Much has been made of Republican Senators finally finding their guts to say no to Trump’s wildest and most outrageously unlawful actions. It was put to the test in an appropriations bill to fund ICE and CBT with $70 billion for the next three years, where amendment after amendment was offered to address the myriad schemes to circumvent the Constitution and law and accomplish Trump’s wildest fantasies. The Republican Senators failed the test.
The Senate voted early Friday to fund immigration enforcement agencies for the rest of President Donald Trump’s term after a revolt by Republican senators held up the bill’s passage for weeks.
The bill passed 52-47 along party lines, with Sen. Lisa Murkowski (R-Alaska) joining Democrats in opposing it. Sen. Michael Bennet (D-Colorado) did not vote.
Putting all the amendments aside, one might wonder whether the unconstrained actions of ICE and CBT, from beatings to murder, from arresting citizens to deporting people to African dictatorships and South American prisons, from detaining people in fetid prisons to denying them medical care, was a good idea. The question is not whether people who are removable should be removed. They should within the confines of the law and Constitution. The question is whether mass deportation somehow justifies the constant errors, needless violence, disregard for human life and safety and inhumane treatment in the process.

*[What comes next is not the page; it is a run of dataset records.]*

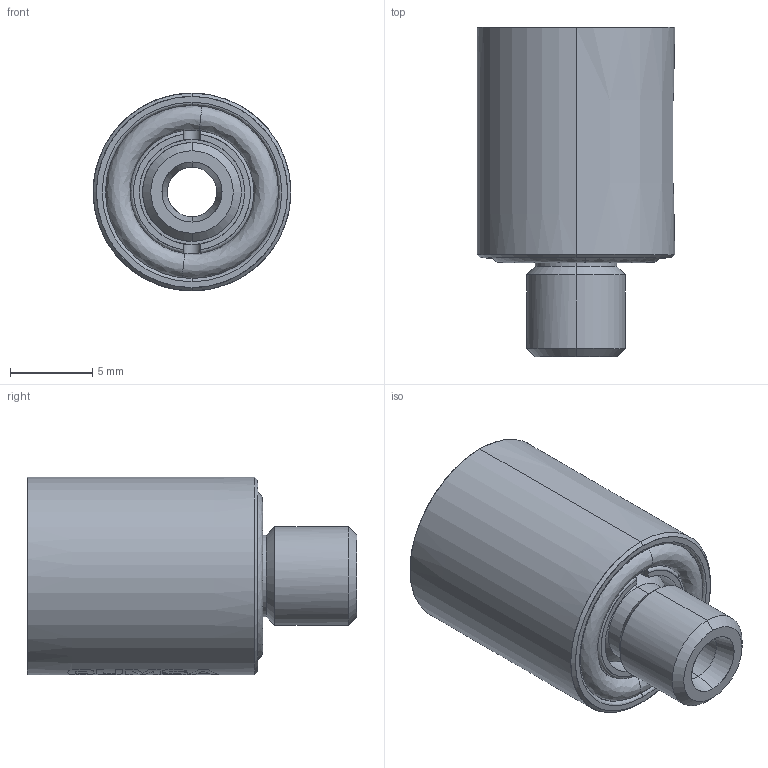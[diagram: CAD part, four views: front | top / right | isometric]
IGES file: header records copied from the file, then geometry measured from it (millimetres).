
Start section: START RECORD GO HERE.
Global section: file name: sa120314.igs; native system: DASSAULT SYSTEMES CATIA V5 R20 - www.3ds.com; preprocessor: CATIA Version 5 Release 20 ; author: Utente; organization: NB04-ASUS; date: 20201107.131857; units: millimetre
Bounding box: 12 x 20 x 12 mm (x, y, z)
Surface area: 2005.2 mm2 (no closed solid volume)
Topology: 0 solids, 0 shells, 500 faces, 2835 edges, 2835 vertices
Faces by surface type: bspline 279, plane 114, revolution 107

But then it will be really, really hard to deport millions of people? Yes, doing things like deportations according to law is harder than doing it without any legal constraints. That’s pretty much true of all government functions. Law is a constraint on government, and it’s what distinguishes us, or at least used to, from fascism. Even when it gets in the way of an outcome you really, really want.
But then there were the amendments.
The bill’s prospects were endangered last month by the Trump administration’s decision to set up a controversial fund to pay people who claim they were wrongfully prosecuted or investigated.
The fund alarmed many Senate Republicans, who feared it could be used to compensate people convicted of attacking the Capitol on Jan. 6, 2021. Republicans refused to advance the bill until the administration addressed their concerns.
Todd Blanche, the acting attorney general, tried to quell those concerns Tuesday in testimony before the House Appropriations Committee, saying the administration had abandoned plans to set up the fund. But Trump himself has not said the fund is dead, telling reporters that he was unsure of its fate.
Since his testimony in the House, Todd Blanche went from Auditioning Attorney General to the guy who got the gig, with Trump announcing that the lawyer who represented him personally before and now represents him personally since will be nominated to be the next attorney general. And Blanche said so, even if he refused to put it in writing. Even if Trump still loves the idea. Because no member of the Trump administration would ever go back on their word after giving Congressional testimony.
Just like when RFK Jr. told the physician Senator Bill Cassidy, whose re-election was killed by Trump even though he dropped to his knees and opened his mouth to accept his punishment, that he wouldn’t screw with childhood vaccines. Cassidy said he would vote against the bill, but caved in the end, even though he had nothing to lose.
But the Senate defeated every amendment to restrict the fund, including one from Tillis to bar the use of federal funds in connection with the fund, which Democrats argued did not go far enough. The amendment failed on a procedural vote, with 12 Republicans and three Democrats voting for it.
An amendment from Sens. Bill Cassidy (R-Louisiana) and Chris Van Hollen (D-Maryland) that would have set aside $100 million to compensate law enforcement officers who defended the Capitol on Jan. 6 also failed on a procedural vote.
The “settlement that wasn’t” also included a get-out-of-audit card for Trump, his boys and his businesses, which apparently didn’t get enough airtime given Slushgate to concern the Senate.
The Senate also rejected an amendment from Sen. Jeff Merkley (D-Oregon) to bar the use of federal funds or private donations to build Trump’s proposed White House ballroom without congressional authorization. Seven Republicans voted with Democrats to take up that amendment, which failed on a procedural vote.
If this was the Great Republican Revolt of 2026 that pundits claimed reflected Trump losing iron-fisted control over the Republican Party, its members finally remembering what was hanging beneath their penis (Lindsey Graham, excepted) and deciding to earn their paycheck rather than being a rubber stamp for their lord and master, it died an ignominious death as the reconciliation bill passed. It’s as if they’ve forgotten that Trump started a war with Iran that he can’t figure out how to end because he never had a plan to begin with.